The musician Mose Allison, who has died aged 89, could count the Who, the Clash, Bonnie Raitt, Van Morrison and Georgie Fame among the fans of his acerbic songs. His scalpel-sharp lyrics were underpinned by assiduous researches of a line that went all the way back to the earliest roots of the blues.
Allison always managed to sound cool and in a hurry at the same time. Needing nothing more than a piano, a microphone and a rhythm section to fire off his own biting updates on country-blues, he would hustle through his repertoire of laconic social commentary, and the classic songs of Tampa Red, Willie Dixon and many others, as if trying to squeeze a Delta discography into a single set.
Rarely pausing for banter or biographical musings about himself or his heroes, the spare, faintly donnish Allison would clatter into the opening of a song when the last syllable of its namecheck was barely out of his mouth. The restless urban urgency of his methods brought a modernity (via bebop) to the earthy materials of the Delta, and a sophisticated irony to the direct and often accusatory themes of the blues.
The pianist, singer and occasional trumpeter never adapted his light, southern-inflected conversational voice to the spine-tingling hollers or the muscular laments of traditional blues. He used it instead as an almost rap-like, rhythmic monotone – the dynamics sometimes varied by an explosive, sustained sound, but more usually echoing a drummer’s busy, preoccupied mutter.
In his early years, he was a piano accompanist and not a singer, working for various top saxophonists, and his keyboard playing retained a delightful eccentricity throughout his career, an uncategorisable style of whirling runs and marching left-hand countermelodies that was his alone.

And though the lyrics of Allison’s best songs became well known, his performances could always produce freshly disconcerting versions of the devastating one-liners that included “your mind’s on vacation but your mouth’s working overtime”, “I’m nobody today but I was somebody last night” and “ever since the world ended, I don’t go out so much”. “Mose, you got a good thing goin’,” Sonny Boy Williamson said to him. Dixon called him “a beautiful musician”.
Allison was born on his grandfather’s farm, near the village of Tippo, just inside the eastern rim of the Mississippi Delta. His father took over the business, and his mother taught at the local school – a connection that gave the boy a lifelong love of literature that significantly influenced his resources as a songwriter. Allison’s father was a good stride-style pianist and, at the age of five, the boy was sent for formal piano lessons. But it was the blues, boogie-woogie music and jazz he heard on the jukeboxes that really turned his head.
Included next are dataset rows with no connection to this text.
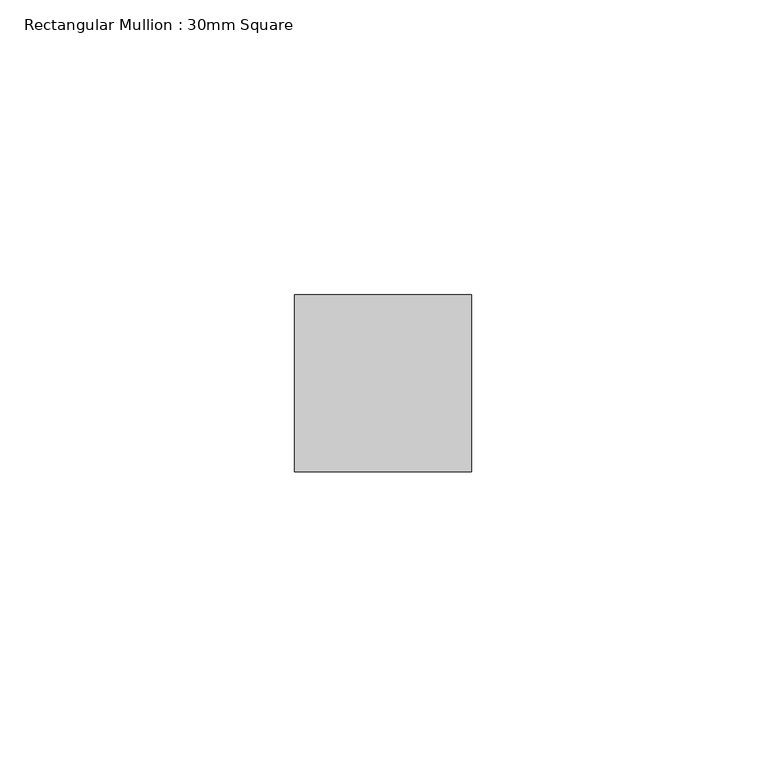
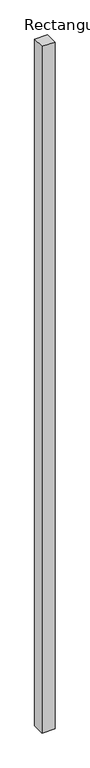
"""IFC4 building model written with IfcOpenShell, lengths in millimetres: member geometry, Rectangular Mullion : 30mm Square."""

from ifc_helpers import new_model, si_unit, frame, origin, place, context, project, spatial, polyline, outline, extrude, source, transform, mapped, element, save


def rectangular_mullion_30mm_square_ca72388b(model_context):
    return source(origin(), model_context, "Body", "SweptSolid", [
        extrude(outline(polyline([(0.0, 15.0), (0.0, -15.0), (-30.0, -15.0), (-30.0, 15.0), (0.0, 15.0)])), frame((0.0, 0.0, -1700.0), z_axis=(0.0, 0.0, 1.0), x_axis=(1.0, 0.0, 0.0)), (0.0, 0.0, 1.0), 1700.0),
    ])


if __name__ == "__main__":
    model = new_model("IFC4")
    model_context = context("Model", 3, world=origin())
    ifc_project = project(units=[si_unit("LENGTHUNIT", "METRE", prefix="MILLI")], contexts=[model_context])
    site = spatial("IfcSite", under=ifc_project)
    building = spatial("IfcBuilding", under=site)
    placement = place(None, origin())
    rectangular_mullion_30mm_square_shape = rectangular_mullion_30mm_square_ca72388b(model_context)
    element("IfcMember", 1, ObjectType="Rectangular Mullion : 30mm Square", at=placement, inside=building, context=model_context, shape_type="MappedRepresentation", body=[
        mapped(rectangular_mullion_30mm_square_shape, transform((0.0, 0.0, 0.0), x_axis=(1.0, 0.0, 0.0), y_axis=(0.0, 1.0, 0.0), z_axis=(0.0, 0.0, 1.0))),
    ])
    save(model, "model.ifc")
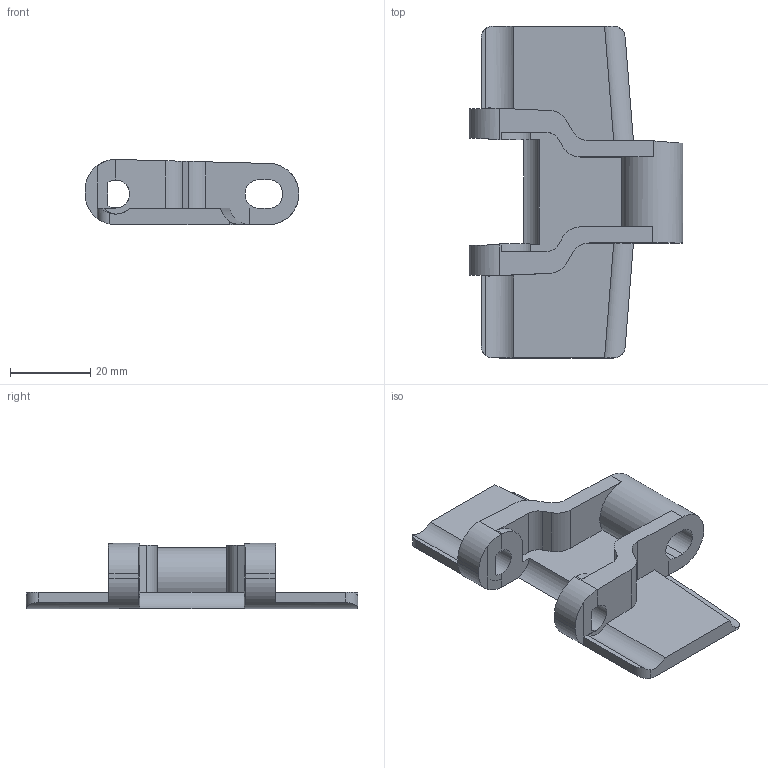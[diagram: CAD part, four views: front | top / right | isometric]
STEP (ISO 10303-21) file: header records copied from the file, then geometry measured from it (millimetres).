
FILE_DESCRIPTION(/* description */ ('ツバキ'),/* implementation_level */ '2;1');
FILE_NAME(/* name */ 'C:\Users\Fujimoto-s\OneDrive\Inventor\WorkSpace\\X2\305D306E4ED6\X0\\ホームページ用\\X2\30C030A630F330ED30FC30C97D206750\X0\\コンベヤ部品\TTUP826\TTUP826.stp',/* time_stamp */ '2024-08-08T16:24:38+09:00',/* author */ ('Fujimoto-s'),/* organization */ (''),/* preprocessor_version */ 'ST-DEVELOPER v15.2',/* originating_system */ 'Autodesk Inventor 2014',/* authorisation */ '');
FILE_SCHEMA (('AUTOMOTIVE_DESIGN { 1 0 10303 214 3 1 1 }'));
Length unit declared in the file: millimetre
Products named in the file (1): TTUP826
Bounding box: 53.2 x 82.6 x 16.2 mm (x, y, z)
Volume: 17706.6 mm3; surface area: 10718.2 mm2
Topology: 1 solids, 1 shells, 85 faces, 254 edges, 164 vertices
Faces by surface type: plane 55, cylinder 28, bspline 2
Entity records: 2950 total; most frequent: CARTESIAN_POINT 568, ORIENTED_EDGE 512, DIRECTION 498, EDGE_CURVE 254, LINE 166, VECTOR 166, AXIS2_PLACEMENT_3D 166, VERTEX_POINT 164

In a predominantly black corner of the US’s cotton-farming country in the 1930s, Allison recollected that 60% of the jukebox fare would be country blues, and the remainder the big-band bravura of Count Basie and Tommy Dorsey – and he loved both. A gifted natural improviser, he was also attracted to the trumpet by the music of Louis Armstrong, studying the instrument in high school and performing with it in local marching bands and dance bands.
But family caution rather than the lure of jazz and blues determined Allison’s next step and he went to the University of Mississippi to study chemical engineering. Army bands allowed him to return to the trumpet and piano during a year of military service, however, and in 1947 he returned to college (this time as an economics major) but also became the leader of a jazz trio and a composer/arranger for the college band. He pulled out of full-time education a second time, to take a six-nights-a-week job playing piano and singing in a cocktail lounge near Lake Charles, Indiana, then moved to Louisiana State University to study English and philosophy, graduating in 1952.
But Allison’s career was beginning to roll by now. He began working all over the south-east and as far north as Denver, then went to New York to sample the frenetic modern jazz and bebop scene in 1956. He played piano with the saxists Stan Getz, Zoot Sims and Gerry Mulligan, but the invigorating New York scene encouraged him to draw together all the disparate influences in his musical sensibilities: the relaxed swing piano of Nat King Cole and Erroll Garner, the various angles on bebop adopted by Thelonious Monk, John Lewis and Al Haig, and, of course, the distant childhood sounds of the blues singers.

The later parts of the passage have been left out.